Les animaux chez Tolstoï...8



Au sujet d'un autre cheval qu'ils croisent sur leur chemin :

Le petit cheval poilu, blanc de neige, ventru, respirait avec difficulté sous sa douga trop basse ; bien qu'il fût à bout de forces, il faisait visiblement ce qu'il pouvait, mais en vain, pour échapper aux coups de branche qui pleuvaient sur lui ; il avançait clopin-clopant dans la neige profonde sur ses jambes courtes... La tête, visiblement jeune, avec sa lèvre inférieure avancée comme la bouche d'un poisson, ses naseaux dilatés et ses oreilles aplaties par la peur, se maintint quelques secondes à la hauteur de l'épaule de Nikita...Nikita pense : « Ils l'ont crevé, leur pauvre cheval. C'est des Asiates, ces gens-là ! »56 

S'étant complètement perdus dans la tempête qui fait rage, Vassili et Nikita, dans l'espoir que Belle-face pourra les conduire en lieu sûr, décident de laisser les rênes à Belle-face dans l'espoir qu’il pourra les conduire en lieu sûr.  « "Il ne lui manque que la parole " commentait Nikita. "Regardez ce qu'il fait avec ses oreilles. Il a pas besoin de télégraphe, lui, il entend tout à une verste à la ronde" »57.  Le cheval réussit en effet à les emmener jusqu'à un village et Belle-Face est mis à l'écurie pour un court moment, une scène que Tolstoï décrit avec une attention minutieuse portée aux autres animaux présents.

Des poules et un coq qui étaient déjà perchés... caquetèrent de contrariété et griffèrent la poutre de leurs pattes. Des brebis alarmées se jetèrent de côté à grand bruit de sabots sur le fumier gelé. Un chien poussa un hurlement éperdu et se mit à aboyer tant et plus contre l'intrus, avec cette peur mêlée de haine qui caractérise les chiots.

Nikita parla à chacun ; Il s'excusa auprès des poules, les tranquillisa en leur promettant de ne plus les déranger, reprocha aux brebis de prendre peur sans même savoir pourquoi, et n'arrêta pas de haranguer le chiot pendant tout le temps qu'il attachait le cheval...[A] l'adresse du chien, [il dit] « Arrête, voyons, bêta, arrête donc. Tu t'inquiètes pour rien, on n'est pas des voleurs, on est des amis... »58  

Après plusieurs heures de repos, le maître - malgré les avertissements et les craintes du cheval et du conducteur - insiste pour reprendre la route.

Il est déterminé à poursuivre [sa route] à travers la tempête car il espère faire une très bonne affaire – « l'acquisition du bois de Goriatchkino »59, et le temps est d'une importance primordiale. Il réalisera un bénéfice de 10 000 roubles, ce qui l'aidera à réaliser son rêve de devenir millionnaire.

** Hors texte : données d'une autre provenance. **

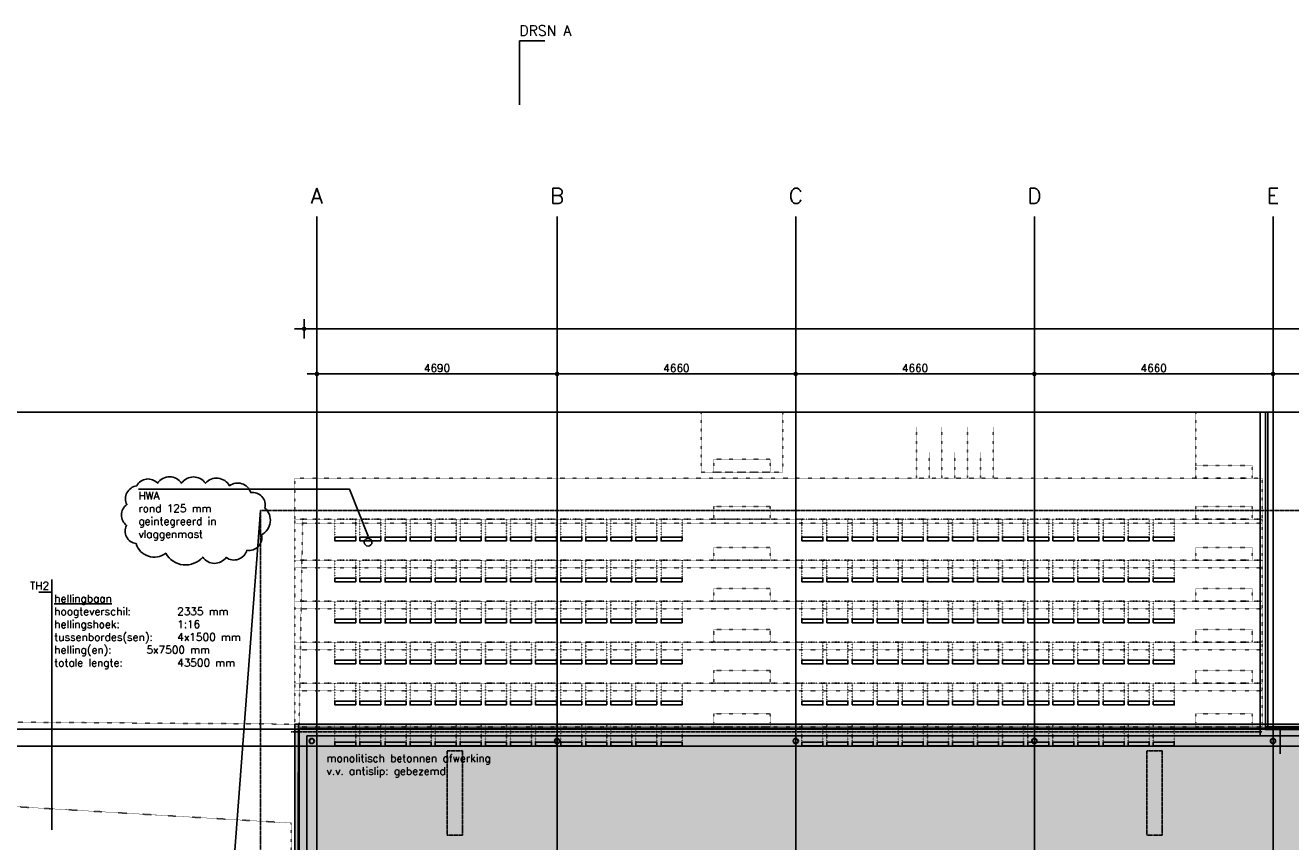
# Model space of a CAD drawing. Header units: millimetres. Extents: x -41560 to 117593, y -41642 to 17656.
# Tile 23 of 30: x 51202 to 75911, y -1909 to 14024. Entities that reach past the tile are written whole.
import ezdxf
from ezdxf.enums import TextEntityAlignment as Align

# ---------------------------------------------------------------- set-up
doc = ezdxf.new("R2010")
doc.units = ezdxf.units.MM
doc.header["$LTSCALE"] = 0.5
doc.header["$PDMODE"] = 3
doc.header["$PDSIZE"] = 100
for name, pattern in [('ACAD_ISO07W100', [3, 0, -3]), ('CENTER2', [28.575, 19.05, -3.175, 3.175, -3.175]), ('HIDDEN2', [4.7625, 3.175, -1.5875])]:
    doc.linetypes.add(name, pattern=pattern)
for name, color, linetype in [('arc. 253', 253, 'Continuous'), ('arc. 9', 9, 'Continuous'), ('inrichting terrein', 7, 'ACAD_ISO07W100'), ('maat 1.5mm', 210, 'Continuous'), ('pen 0.05mm', 7, 'Continuous'), ('pen 0.10mm', 6, 'Continuous'), ('pen 0.15mm', 1, 'Continuous'), ('pen 0.20mm', 2, 'Continuous'), ('pen 0.70mm', 5, 'Continuous'), ('stramien', 9, 'CENTER2'), ('tekst 1.5mm', 210, 'Continuous'), ('tekst 2.0mm', 211, 'Continuous'), ('tekst 3.0mm', 200, 'Continuous'), ('tekstblocks', 6, 'Continuous')]:
    doc.layers.add(name, color=color, linetype=linetype)
doc.layers.add('hulplijn', color=140, linetype='Continuous', plot=False)
doc.layers.add('hulplijn opp', color=31, linetype='Continuous', plot=False)
doc.styles.add('1.5mm tekst', font='romans.shx', dxfattribs={"height": 1.5})
doc.styles.add('2.0mm tekst', font='romans.shx', dxfattribs={"height": 2})
doc.styles.add('3.0mm tekst', font='romans.shx', dxfattribs={"height": 3})
doc.dimstyles.new('1.5mm maat', dxfattribs={"dimscale": 0, "dimtxt": 1.5, "dimasz": 0.75, "dimexe": 1.25, "dimexo": 0.625, "dimgap": 0.375, "dimtad": 1, "dimdec": 0, "dimtxsty": '1.5mm tekst', "dimblk": 'dot maatlijn-GVA', "dimcen": 2.5, "dimse1": 1, "dimse2": 1, "dimclrd": 7, "dimclrt": 256, "dimadec": 0, "dimazin": 0, "dimtfac": 1, "dimtdec": 0, "dimtmove": 0, "dimatfit": 3, "dimfxl": 1, "dimarcsym": 0})

# ---------------------------------------------------------------- blocks, each defined once
blk = doc.blocks.new('oppervlakte verd-02')
at = {"layer": 'hulplijn opp'}
blk.add_lwpolyline([(57965, 384), (76815, 384), (76815, 154), (80145, 154), (80145, 384), (100825, 384), (100825, -20256), (80860, -20256), (80860, -18836), (92125, -18836), (92125, -14466), (99170, -14466), (99170, -3836), (60935, -3836), (60935, -18836), (73625, -18836), (73625, -19481), (80860, -19486), (80860, -20256), (57965, -20256)], close=True, dxfattribs=at)
blk = doc.blocks.new('1302-stramien-01')
at = {"layer": 'hulplijn'}
for points in [[(-350, 350), (42350, 350), (42350, -18810), (-350, -18810)], [(-200, 200), (42200, 200), (42200, -18660), (-200, -18660)], [(0, 0), (42000, 0), (42000, -18460), (0, -18460)]]:
    blk.add_lwpolyline(points, close=True, dxfattribs=at)
at = {"layer": 'stramien'}
for p, q in [((0, -23329), (0, 10339)), ((4690, -23329), (4690, 10339)), ((9350, -23329), (9350, 10339)), ((14010, -23329), (14010, 10339)), ((18670, -23329), (18670, 10339)), ((-13469, 0), (52270, 0))]:
    blk.add_line(p, q, dxfattribs=at)
at = {"layer": 'tekst 3.0mm', "char_height": 300, "width": 763.99, "attachment_point": 8, "style": '3.0mm tekst'}
for s, insert in [('A', (0, 10589)), ('B', (4690, 10589)), ('C', (9350, 10589)), ('D', (14010, 10589)), ('E', (18670, 10589))]:
    blk.add_mtext(s, dxfattribs=dict(at, insert=insert))
blk = doc.blocks.new('doorsnedeaanduiding')
at = {"layer": 'pen 0.05mm'}
blk.add_line((4953, 13766), (4953, 12516), dxfattribs=at)
at = {"layer": 'pen 0.70mm'}
blk.add_line((5453, 13766), (4953, 13766), dxfattribs=at)
at = {"layer": 'hulplijn', "style": '3.0mm tekst'}
for p in [(29858, 14116), (-14319, -11379), (54620, -11379), (29858, -28179)]:
    blk.add_attdef('A', text='', height=300, dxfattribs=at).set_placement(p, align=Align.MIDDLE_CENTER)
at = {"layer": 'tekst 2.0mm', "insert": (4953, 14066), "char_height": 200, "width": 7941.85, "attachment_point": 1, "style": '2.0mm tekst'}
blk.add_mtext('DRSN A', dxfattribs=at)
blk = doc.blocks.new('dot maatlijn-GVA')
at = {"layer": 'maat 1.5mm'}
h = blk.add_hatch(color=7, dxfattribs=at)
edge = h.paths.add_edge_path()
edge.add_arc((0, 0), 0.4, 0, 360)
at = {"layer": 'maat 1.5mm', "color": 7}
for points in [[(-2.5, 0), (2.5, 0)], [(0, 2.5), (0, -2.5)]]:
    blk.add_lwpolyline(points, dxfattribs=at)
blk.add_circle((0, 0), 0.4, dxfattribs=at)
blk = doc.blocks.new('*D297')
at = {"layer": 'defpoints', "color": 0, "transparency": 16777216}
for p in [(56896, 7220), (61586, 7220), (61586, 7220)]:
    blk.add_point(p, dxfattribs=at)
at = {"layer": 'maat 1.5mm', "color": 7, "lineweight": -2, "transparency": 16777216}
blk.add_line((56971, 7220), (61511, 7220), dxfattribs=at)
at = {"layer": 'maat 1.5mm', "color": 7, "lineweight": -2, "transparency": 16777216, "xscale": 75, "yscale": 75, "zscale": 75, "rotation": 180}
blk.add_blockref('dot maatlijn-GVA', (56896, 7220), dxfattribs=at)
at = {"layer": 'maat 1.5mm', "color": 7, "lineweight": -2, "transparency": 16777216, "xscale": 75, "yscale": 75, "zscale": 75}
blk.add_blockref('dot maatlijn-GVA', (61586, 7220), dxfattribs=at)
at = {"layer": 'maat 1.5mm', "transparency": 16777216, "insert": (59241, 7333), "char_height": 150, "attachment_point": 5, "style": '1.5mm tekst'}
blk.add_mtext('4690', dxfattribs=at)
blk = doc.blocks.new('*D298')
at = {"layer": 'defpoints', "color": 0, "transparency": 16777216}
for p in [(61586, 7220), (66246, 7220), (66246, 7220)]:
    blk.add_point(p, dxfattribs=at)
at = {"layer": 'maat 1.5mm', "color": 7, "lineweight": -2, "transparency": 16777216}
blk.add_line((61661, 7220), (66171, 7220), dxfattribs=at)
at = {"layer": 'maat 1.5mm', "color": 7, "lineweight": -2, "transparency": 16777216, "xscale": 75, "yscale": 75, "zscale": 75, "rotation": 180}
blk.add_blockref('dot maatlijn-GVA', (61586, 7220), dxfattribs=at)
at = {"layer": 'maat 1.5mm', "color": 7, "lineweight": -2, "transparency": 16777216, "xscale": 75, "yscale": 75, "zscale": 75}
blk.add_blockref('dot maatlijn-GVA', (66246, 7220), dxfattribs=at)
at = {"layer": 'maat 1.5mm', "transparency": 16777216, "insert": (63916, 7333), "char_height": 150, "attachment_point": 5, "style": '1.5mm tekst'}
blk.add_mtext('4660', dxfattribs=at)
blk = doc.blocks.new('*D299')
at = {"layer": 'defpoints', "color": 0, "transparency": 16777216}
for p in [(66246, 7220), (70906, 7220), (70906, 7220)]:
    blk.add_point(p, dxfattribs=at)
at = {"layer": 'maat 1.5mm', "color": 7, "lineweight": -2, "transparency": 16777216}
blk.add_line((66321, 7220), (70831, 7220), dxfattribs=at)
at = {"layer": 'maat 1.5mm', "color": 7, "lineweight": -2, "transparency": 16777216, "xscale": 75, "yscale": 75, "zscale": 75, "rotation": 180}
blk.add_blockref('dot maatlijn-GVA', (66246, 7220), dxfattribs=at)
at = {"layer": 'maat 1.5mm', "color": 7, "lineweight": -2, "transparency": 16777216, "xscale": 75, "yscale": 75, "zscale": 75}
blk.add_blockref('dot maatlijn-GVA', (70906, 7220), dxfattribs=at)
at = {"layer": 'maat 1.5mm', "transparency": 16777216, "insert": (68576, 7333), "char_height": 150, "attachment_point": 5, "style": '1.5mm tekst'}
blk.add_mtext('4660', dxfattribs=at)
blk = doc.blocks.new('*D300')
at = {"layer": 'defpoints', "color": 0, "transparency": 16777216}
for p in [(70906, 7220), (75566, 7220), (75566, 7220)]:
    blk.add_point(p, dxfattribs=at)
at = {"layer": 'maat 1.5mm', "color": 7, "lineweight": -2, "transparency": 16777216}
blk.add_line((70981, 7220), (75491, 7220), dxfattribs=at)
at = {"layer": 'maat 1.5mm', "color": 7, "lineweight": -2, "transparency": 16777216, "xscale": 75, "yscale": 75, "zscale": 75, "rotation": 180}
blk.add_blockref('dot maatlijn-GVA', (70906, 7220), dxfattribs=at)
at = {"layer": 'maat 1.5mm', "color": 7, "lineweight": -2, "transparency": 16777216, "xscale": 75, "yscale": 75, "zscale": 75}
blk.add_blockref('dot maatlijn-GVA', (75566, 7220), dxfattribs=at)
at = {"layer": 'maat 1.5mm', "transparency": 16777216, "insert": (73236, 7333), "char_height": 150, "attachment_point": 5, "style": '1.5mm tekst'}
blk.add_mtext('4660', dxfattribs=at)
blk = doc.blocks.new('*D301')
at = {"layer": 'defpoints', "color": 0, "transparency": 16777216}
for p in [(75566, 7220), (80226, 7220), (80226, 7220)]:
    blk.add_point(p, dxfattribs=at)
at = {"layer": 'maat 1.5mm', "color": 7, "lineweight": -2, "transparency": 16777216}
blk.add_line((75641, 7220), (80151, 7220), dxfattribs=at)
at = {"layer": 'maat 1.5mm', "color": 7, "lineweight": -2, "transparency": 16777216, "xscale": 75, "yscale": 75, "zscale": 75, "rotation": 180}
blk.add_blockref('dot maatlijn-GVA', (75566, 7220), dxfattribs=at)
at = {"layer": 'maat 1.5mm', "color": 7, "lineweight": -2, "transparency": 16777216, "xscale": 75, "yscale": 75, "zscale": 75}
blk.add_blockref('dot maatlijn-GVA', (80226, 7220), dxfattribs=at)
at = {"layer": 'maat 1.5mm', "transparency": 16777216, "insert": (77896, 7333), "char_height": 150, "attachment_point": 5, "style": '1.5mm tekst'}
blk.add_mtext('4660', dxfattribs=at)
blk = doc.blocks.new('*D306')
at = {"layer": 'defpoints', "color": 0, "transparency": 16777216}
for p in [(99076, 8100), (56646, 3281), (99076, 3281)]:
    blk.add_point(p, dxfattribs=at)
at = {"layer": 'maat 1.5mm', "color": 7, "lineweight": -2, "transparency": 16777216}
blk.add_line((56721, 8100), (99001, 8100), dxfattribs=at)
at = {"layer": 'maat 1.5mm', "color": 7, "lineweight": -2, "transparency": 16777216, "xscale": 75, "yscale": 75, "zscale": 75, "rotation": 180}
blk.add_blockref('dot maatlijn-GVA', (56646, 8100), dxfattribs=at)
at = {"layer": 'maat 1.5mm', "color": 7, "lineweight": -2, "transparency": 16777216, "xscale": 75, "yscale": 75, "zscale": 75}
blk.add_blockref('dot maatlijn-GVA', (99076, 8100), dxfattribs=at)
at = {"layer": 'maat 1.5mm', "transparency": 16777216, "insert": (77861, 8213), "char_height": 150, "attachment_point": 5, "style": '1.5mm tekst'}
blk.add_mtext('42430', dxfattribs=at)
blk = doc.blocks.new('TH02')
at = {"layer": 'hulplijn'}
for points in [[(0, 0), (0, 2.5)], [(0, 0), (-2.5, 0)]]:
    blk.add_lwpolyline(points, dxfattribs=at)
at = {"layer": 'hulplijn', "insert": (-0.5, 0.5), "char_height": 1.5, "attachment_point": 9, "style": '1.5mm tekst'}
blk.add_mtext_dynamic_manual_height_columns('TH2', width=6266.3931, gutter_width=500, heights=[0], dxfattribs=at)
at = {"layer": 'tekst 1.5mm', "insert": (0.5, -0.5), "char_height": 1.5, "width": 59.9125, "attachment_point": 1, "style": '1.5mm tekst'}
blk.add_mtext('{\\Lhellingbaan\\P}hoogteverschil:^I^I2335 mm\\Phellingshoek:^I^I1:16\\Ptussenbordes(sen):^I4x1500 mm\\Phelling(en):^I^I5x7500 mm^I^I\\Ptotale lengte:^I^I43500 mm ^I', dxfattribs=at)
blk = doc.blocks.new('*U314')
at = {"layer": 'hulplijn'}
for points in [[(-205, 0), (205, 0), (205, 75), (-205, 75)], [(285, 0), (695, 0), (695, 75), (285, 75)], [(775, 0), (1185, 0), (1185, 75), (775, 75)], [(1265, 0), (1675, 0), (1675, 75), (1265, 75)], [(1755, 0), (2165, 0), (2165, 75), (1755, 75)], [(2245, 0), (2655, 0), (2655, 75), (2245, 75)], [(2735, 0), (3145, 0), (3145, 75), (2735, 75)], [(3225, 0), (3635, 0), (3635, 75), (3225, 75)], [(3715, 0), (4125, 0), (4125, 75), (3715, 75)], [(4205, 0), (4615, 0), (4615, 75), (4205, 75)], [(4695, 0), (5105, 0), (5105, 75), (4695, 75)], [(5185, 0), (5595, 0), (5595, 75), (5185, 75)], [(5675, 0), (6085, 0), (6085, 75), (5675, 75)], [(6165, 0), (6575, 0), (6575, 75), (6165, 75)], [(6655, 0), (7065, 0), (7065, 75), (6655, 75)]]:
    blk.add_lwpolyline(points, close=True, dxfattribs=at)
at = {"layer": 'inrichting terrein', "ltscale": 0.4}
for points in [[(-205, 75), (205, 75), (205, 425), (-205, 425)], [(285, 75), (695, 75), (695, 425), (285, 425)], [(775, 75), (1185, 75), (1185, 425), (775, 425)], [(1265, 75), (1675, 75), (1675, 425), (1265, 425)], [(1755, 75), (2165, 75), (2165, 425), (1755, 425)], [(2245, 75), (2655, 75), (2655, 425), (2245, 425)], [(2735, 75), (3145, 75), (3145, 425), (2735, 425)], [(3225, 75), (3635, 75), (3635, 425), (3225, 425)], [(3715, 75), (4125, 75), (4125, 425), (3715, 425)], [(4205, 75), (4615, 75), (4615, 425), (4205, 425)], [(4695, 75), (5105, 75), (5105, 425), (4695, 425)], [(5185, 75), (5595, 75), (5595, 425), (5185, 425)], [(5675, 75), (6085, 75), (6085, 425), (5675, 425)], [(6165, 75), (6575, 75), (6575, 425), (6165, 425)], [(6655, 75), (7065, 75), (7065, 425), (6655, 425)]]:
    blk.add_lwpolyline(points, close=True, dxfattribs=at)
blk = doc.blocks.new('*U315')
at = {"layer": 'hulplijn'}
for points in [[(-205, 0), (205, 0), (205, 75), (-205, 75)], [(285, 0), (695, 0), (695, 75), (285, 75)], [(775, 0), (1185, 0), (1185, 75), (775, 75)], [(1265, 0), (1675, 0), (1675, 75), (1265, 75)], [(1755, 0), (2165, 0), (2165, 75), (1755, 75)], [(2245, 0), (2655, 0), (2655, 75), (2245, 75)], [(2735, 0), (3145, 0), (3145, 75), (2735, 75)], [(3225, 0), (3635, 0), (3635, 75), (3225, 75)], [(3715, 0), (4125, 0), (4125, 75), (3715, 75)], [(4205, 0), (4615, 0), (4615, 75), (4205, 75)], [(4695, 0), (5105, 0), (5105, 75), (4695, 75)], [(5185, 0), (5595, 0), (5595, 75), (5185, 75)], [(5675, 0), (6085, 0), (6085, 75), (5675, 75)], [(6165, 0), (6575, 0), (6575, 75), (6165, 75)]]:
    blk.add_lwpolyline(points, close=True, dxfattribs=at)
at = {"layer": 'inrichting terrein', "ltscale": 0.4}
for points in [[(-205, 75), (205, 75), (205, 425), (-205, 425)], [(285, 75), (695, 75), (695, 425), (285, 425)], [(775, 75), (1185, 75), (1185, 425), (775, 425)], [(1265, 75), (1675, 75), (1675, 425), (1265, 425)], [(1755, 75), (2165, 75), (2165, 425), (1755, 425)], [(2245, 75), (2655, 75), (2655, 425), (2245, 425)], [(2735, 75), (3145, 75), (3145, 425), (2735, 425)], [(3225, 75), (3635, 75), (3635, 425), (3225, 425)], [(3715, 75), (4125, 75), (4125, 425), (3715, 425)], [(4205, 75), (4615, 75), (4615, 425), (4205, 425)], [(4695, 75), (5105, 75), (5105, 425), (4695, 425)], [(5185, 75), (5595, 75), (5595, 425), (5185, 425)], [(5675, 75), (6085, 75), (6085, 425), (5675, 425)], [(6165, 75), (6575, 75), (6575, 425), (6165, 425)]]:
    blk.add_lwpolyline(points, close=True, dxfattribs=at)
blk = doc.blocks.new('stalen buiskolom 101')
at = {"layer": 'arc. 9'}
h = blk.add_hatch(color=256, dxfattribs=at)
h.dxf.hatch_style = 1
edge = h.paths.add_edge_path()
edge.add_arc((0, 0), 50.8, 0, 360)
edge = h.paths.add_edge_path(flags=17)
edge.add_arc((0, 0), 44.8, 0, 360)
at = {"layer": 'pen 0.20mm'}
for radius in [50.8, 44.8]:
    blk.add_circle((0, 0), radius, dxfattribs=at)

msp = doc.modelspace()

# ---------------------------------------------------------------- hatches: boundary and pattern name
at = {"layer": 'arc. 253'}
h = msp.add_hatch(color=256, dxfattribs=at)
h.dxf.hatch_style = 1
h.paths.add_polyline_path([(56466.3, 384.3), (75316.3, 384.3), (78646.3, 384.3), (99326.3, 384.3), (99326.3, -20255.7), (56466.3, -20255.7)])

Une fois encore ils perdent leur chemin et doivent passer la nuit sans abri dans la tempête déchaînée. Le maître et le cheval meurent de froid ; seul le paysan Nikita arrive à survivre.

Belle-Face, enfoncé dans la neige jusqu'au ventre...était complètement blanc, sa tête morte pressée contre sa veine jugulaire aussi dure que du bois ; ses naseaux étaient remplis de glaçons, ses yeux étaient blancs de givre et comme remplis, eux aussi, de larmes gelées. Il avait maigri en une seule nuit au point de n'avoir plus que la peau et les os60

Dans son traité de théorie littéraire, Tolstoï (1896) donne comme exemple du type d'art qu'il approuve une scène de chasse réalisée par le peintre russe Vasnetsov, pour illustrer un récit de Tourgueniev (1883) « dans lequel il est raconté comment un fils ressent de la pitié pour une caille que son père a tuée en sa présence »61  Tolstoï donne un autre exemple tiré d'une pièce créée par une tribu primitive, les Vogouls, dont il a lu un compte-rendu. Dans cette pièce, deux personnages représentent un renne femelle et son faon, un autre représente un chasseur, et un quatrième, un oiseau « qui prévient la femelle renne du danger ». La mère et le faon y échappent momentanément ; 




______________
56. Ibid., p. 185.

57. Ibid., p. 187.

58. Ibid., p. 190. 

59. Ibid., p. 162.

60. Ibid., p. 239.

61. L. Tolstoï, (1960) What is art , p.136. NdT : J'ai traduit les citations de What is Art, le livre Qu'est-ce-que l'art (Perrin, 1898) étant une traduction non intégrale, par T. de Wyzewa, du traité de Tolstoï, dans laquelle les passages cités sont absents ou tronqués.